▶ [WHAT IS REQUIRED] Please quote only the lines that start at the one with "#120012 = VECTOR ( 'NONE', #27776, 1000. ) ;" and go on to the last line of the data, both ends kept.

▶ [RECORDED DATA]
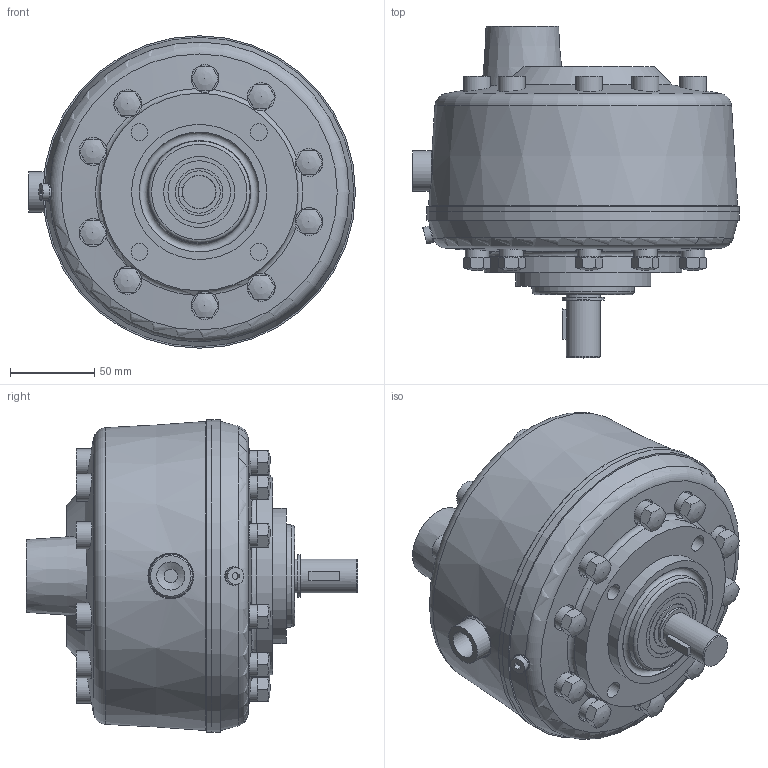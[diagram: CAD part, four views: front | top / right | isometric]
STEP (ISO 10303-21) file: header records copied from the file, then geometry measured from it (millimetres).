
FILE_DESCRIPTION( ( 'STEP AP214' ), '1' );
FILE_NAME( '//HAWE-GROUP.COM/HOME01/KohlhaufM/3D Komponenten/HAWE-R-Pumpe-2,7.stp', '2019-03-13T14:19:07', ( '' ), ( '' ), ' ', 'PARTsolutions', ' ' );
FILE_SCHEMA( ( 'AUTOMOTIVE_DESIGN { 1 0 10303 214 1 1 1 1 }' ) );
Length unit declared in the file: millimetre
Products named in the file (9): 30365775 HAWE 6012-10-Zy-1DA_1g; _HAWE 6012-10-Zy-1DA_1g; _HAWE ZylSc DIN4762 M10x100; _HAWE LagSc-5Zyl; _HAWE Wellendichtring-B1-20x42x7-DIN3760; _HAWE Welle-6012009/1; _HAWE Hutmutter-6010010; _HAWE M6x6_zs_usr_m6; _HAWE SamPl-6012 004
Assembly tree (26 placements, depth 2):
  30365775 HAWE 6012-10-Zy-1DA_1g
    _HAWE 6012-10-Zy-1DA_1g
    _HAWE ZylSc DIN4762 M10x100  x10
    _HAWE LagSc-5Zyl
    _HAWE Wellendichtring-B1-20x42x7-DIN3760
    _HAWE Welle-6012009/1
    _HAWE Hutmutter-6010010  x10
    _HAWE M6x6_zs_usr_m6
    _HAWE SamPl-6012 004
Bounding box: 193.5 x 196.5 x 185 mm (x, y, z)
Volume: 990015.3 mm3; surface area: 343566 mm2
Topology: 26 solids, 26 shells, 538 faces, 1209 edges, 787 vertices
Faces by surface type: plane 277, cylinder 146, cone 83, torus 22, sphere 10
Full cylindrical faces by diameter (mm): 3 x2, 5 x2, 6 x7, 8 x1, 10 x25, 10.2 x1, 10.5 x20, 10.6 x10, 11 x1, 14 x10, 16 x10, 16.5 x20, 16.66 x1, 20 x3, 21 x1, 22 x2, 24 x1, 25 x1, 25.7 x2, 26 x2, 28 x1, 33.25 x1, 37 x1, 40 x1, 42 x2, 72 x2, 80 x1, 106 x1, 117 x1, 152 x1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
Entity records: 12095 total; most frequent: CARTESIAN_POINT 3982, DIRECTION 1228, ORIENTED_EDGE 898, AXIS2_PLACEMENT_3D 580, EDGE_LOOP 543, EDGE_CURVE 449, FACE_OUTER_BOUND 391, VERTEX_POINT 371
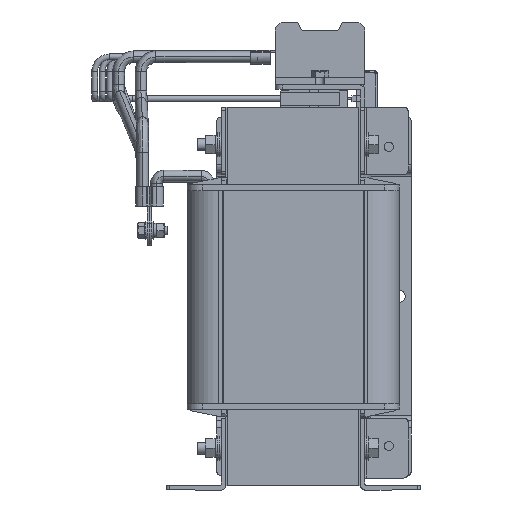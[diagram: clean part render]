
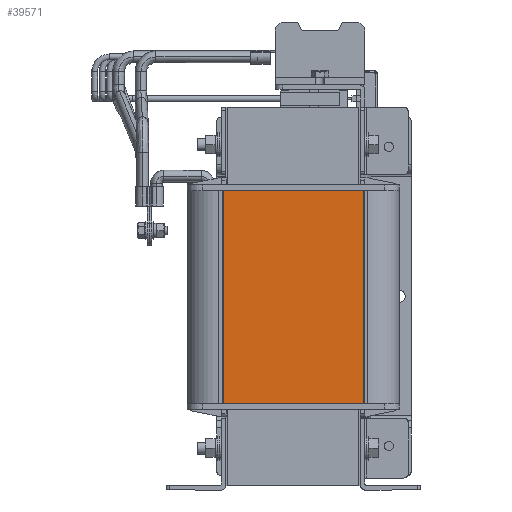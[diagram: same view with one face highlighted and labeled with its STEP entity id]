
A CAD part, left-side view. The second image highlights one B-rep face of the part: STEP entity #39571.
In plain terms, the highlighted planar face has unit normal (-1, 0, 0).
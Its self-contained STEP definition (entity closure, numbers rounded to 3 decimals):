
#11216 = EDGE_CURVE ( 'NONE', #121557, #103991, #103263, .T. ) ;
#24804 = CARTESIAN_POINT ( 'NONE',  ( -147.34, 131.843, 57.75 ) ) ;
#25650 = VERTEX_POINT ( 'NONE', #123264 ) ;
#27776 = DIRECTION ( 'NONE',  ( 0., -1., 0. ) ) ;
#27934 = AXIS2_PLACEMENT_3D ( 'NONE', #84291, #74755, #100872 ) ;
#30853 = EDGE_CURVE ( 'NONE', #25650, #103991, #53376, .T. ) ;
#31184 = VERTEX_POINT ( 'NONE', #36249 ) ;
#36249 = CARTESIAN_POINT ( 'NONE',  ( -147.34, 131.843, 57.75 ) ) ;
#39571 = ADVANCED_FACE ( 'NONE', ( #63949 ), #123114, .T. ) ;
#44516 = CARTESIAN_POINT ( 'NONE',  ( -147.34, 38.158, 57.75 ) ) ;
#46050 = CARTESIAN_POINT ( 'NONE',  ( -147.34, 83.584, 200.25 ) ) ;
#46204 = CARTESIAN_POINT ( 'NONE',  ( -147.34, 83.584, 57.75 ) ) ;
#51762 = EDGE_CURVE ( 'NONE', #121557, #31184, #92790, .T. ) ;
#53376 = LINE ( 'NONE', #44516, #120639 ) ;
#54247 = ORIENTED_EDGE ( 'NONE', *, *, #11216, .F. ) ;
#54380 = VECTOR ( 'NONE', #73685, 1000. ) ;
#54507 = CARTESIAN_POINT ( 'NONE',  ( -147.34, 38.158, 200.25 ) ) ;
#54933 = DIRECTION ( 'NONE',  ( 0., -1., 0. ) ) ;
#55718 = EDGE_LOOP ( 'NONE', ( #60700, #91516, #54247, #90517 ) ) ;
#57386 = VECTOR ( 'NONE', #54933, 1000. ) ;
#60700 = ORIENTED_EDGE ( 'NONE', *, *, #119493, .T. ) ;
#63949 = FACE_OUTER_BOUND ( 'NONE', #55718, .T. ) ;
#73685 = DIRECTION ( 'NONE',  ( 0., 0., -1. ) ) ;
#74755 = DIRECTION ( 'NONE',  ( -1., 0., 0. ) ) ;
#84291 = CARTESIAN_POINT ( 'NONE',  ( -147.34, 35.158, 57.75 ) ) ;
#90517 = ORIENTED_EDGE ( 'NONE', *, *, #51762, .T. ) ;
#90908 = DIRECTION ( 'NONE',  ( 0., 0., 1. ) ) ;
#91516 = ORIENTED_EDGE ( 'NONE', *, *, #30853, .T. ) ;
#92790 = LINE ( 'NONE', #24804, #54380 ) ;
#96701 = CARTESIAN_POINT ( 'NONE',  ( -147.34, 131.843, 200.25 ) ) ;
#100872 = DIRECTION ( 'NONE',  ( 0., 0., 1. ) ) ;
#103263 = LINE ( 'NONE', #46050, #57386 ) ;
#103991 = VERTEX_POINT ( 'NONE', #54507 ) ;
#115498 = LINE ( 'NONE', #46204, #120012 ) ;
#119493 = EDGE_CURVE ( 'NONE', #31184, #25650, #115498, .T. ) ;
#120012 = VECTOR ( 'NONE', #27776, 1000. ) ;
#120639 = VECTOR ( 'NONE', #90908, 1000. ) ;
#121557 = VERTEX_POINT ( 'NONE', #96701 ) ;
#123114 = PLANE ( 'NONE',  #27934 ) ;
#123264 = CARTESIAN_POINT ( 'NONE',  ( -147.34, 38.158, 57.75 ) ) ;

▶ [EXERCISE SOLUTION]
#120012 = VECTOR ( 'NONE', #27776, 1000. ) ;
#120639 = VECTOR ( 'NONE', #90908, 1000. ) ;
#121557 = VERTEX_POINT ( 'NONE', #96701 ) ;
#123114 = PLANE ( 'NONE',  #27934 ) ;
#123264 = CARTESIAN_POINT ( 'NONE',  ( -147.34, 38.158, 57.75 ) ) ;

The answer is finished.